» **Work order**:
From the listing below, copy out every line where the word "dimensions" appears.
++++++++++
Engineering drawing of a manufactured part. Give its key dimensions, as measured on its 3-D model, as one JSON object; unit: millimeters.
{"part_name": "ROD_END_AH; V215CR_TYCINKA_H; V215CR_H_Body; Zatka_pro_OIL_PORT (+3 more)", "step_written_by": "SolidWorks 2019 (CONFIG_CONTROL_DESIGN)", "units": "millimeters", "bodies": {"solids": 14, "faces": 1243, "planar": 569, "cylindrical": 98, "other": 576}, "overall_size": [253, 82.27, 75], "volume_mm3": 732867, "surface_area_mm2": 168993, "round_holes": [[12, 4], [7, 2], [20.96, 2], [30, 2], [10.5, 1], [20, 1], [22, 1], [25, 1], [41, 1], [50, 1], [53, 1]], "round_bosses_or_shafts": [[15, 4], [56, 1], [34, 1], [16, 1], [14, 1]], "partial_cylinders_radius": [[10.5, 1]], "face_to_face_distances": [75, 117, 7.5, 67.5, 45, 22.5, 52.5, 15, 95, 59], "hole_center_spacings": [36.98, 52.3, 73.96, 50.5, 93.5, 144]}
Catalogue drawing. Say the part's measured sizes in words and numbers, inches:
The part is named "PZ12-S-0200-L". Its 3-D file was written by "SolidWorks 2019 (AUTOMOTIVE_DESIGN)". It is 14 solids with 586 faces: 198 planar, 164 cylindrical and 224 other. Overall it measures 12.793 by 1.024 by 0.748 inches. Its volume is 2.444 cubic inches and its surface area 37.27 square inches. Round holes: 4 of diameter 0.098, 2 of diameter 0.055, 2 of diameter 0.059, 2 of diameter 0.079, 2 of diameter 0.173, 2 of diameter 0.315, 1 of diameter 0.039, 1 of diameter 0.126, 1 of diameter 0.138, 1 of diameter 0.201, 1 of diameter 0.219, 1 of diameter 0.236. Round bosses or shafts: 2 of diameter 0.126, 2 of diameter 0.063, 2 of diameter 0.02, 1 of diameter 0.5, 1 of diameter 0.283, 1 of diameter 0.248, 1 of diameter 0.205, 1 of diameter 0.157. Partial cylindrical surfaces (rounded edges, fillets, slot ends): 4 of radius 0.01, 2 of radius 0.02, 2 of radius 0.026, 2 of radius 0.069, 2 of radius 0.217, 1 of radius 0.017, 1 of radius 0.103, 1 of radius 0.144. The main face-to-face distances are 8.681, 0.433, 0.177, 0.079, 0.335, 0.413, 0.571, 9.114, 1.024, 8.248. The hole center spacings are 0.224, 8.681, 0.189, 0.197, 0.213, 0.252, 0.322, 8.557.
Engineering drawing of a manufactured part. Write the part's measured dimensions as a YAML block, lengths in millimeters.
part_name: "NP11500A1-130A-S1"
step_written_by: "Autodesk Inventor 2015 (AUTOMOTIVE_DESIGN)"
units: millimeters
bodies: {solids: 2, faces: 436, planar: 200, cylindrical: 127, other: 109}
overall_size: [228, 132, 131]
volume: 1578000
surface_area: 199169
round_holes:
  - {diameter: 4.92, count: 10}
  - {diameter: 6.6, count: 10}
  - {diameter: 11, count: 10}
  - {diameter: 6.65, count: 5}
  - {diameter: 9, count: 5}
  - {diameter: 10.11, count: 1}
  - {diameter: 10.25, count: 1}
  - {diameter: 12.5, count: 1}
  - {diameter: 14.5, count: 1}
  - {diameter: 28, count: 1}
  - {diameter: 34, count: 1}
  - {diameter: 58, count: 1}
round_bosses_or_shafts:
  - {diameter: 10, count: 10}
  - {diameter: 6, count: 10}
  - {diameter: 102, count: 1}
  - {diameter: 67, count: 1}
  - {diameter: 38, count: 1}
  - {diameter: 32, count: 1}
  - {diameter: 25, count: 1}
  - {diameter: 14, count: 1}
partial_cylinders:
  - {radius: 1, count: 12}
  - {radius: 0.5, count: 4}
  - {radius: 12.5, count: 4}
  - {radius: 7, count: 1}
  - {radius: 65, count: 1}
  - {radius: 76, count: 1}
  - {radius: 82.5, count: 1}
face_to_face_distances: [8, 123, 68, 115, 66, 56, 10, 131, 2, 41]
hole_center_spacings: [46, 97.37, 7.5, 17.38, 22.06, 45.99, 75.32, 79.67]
++++++++++
» **Exercise output**:
Engineering drawing of a manufactured part. Give its key dimensions, as measured on its 3-D model, as one JSON object; unit: millimeters.
Engineering drawing of a manufactured part. Write the part's measured dimensions as a YAML block, lengths in millimeters.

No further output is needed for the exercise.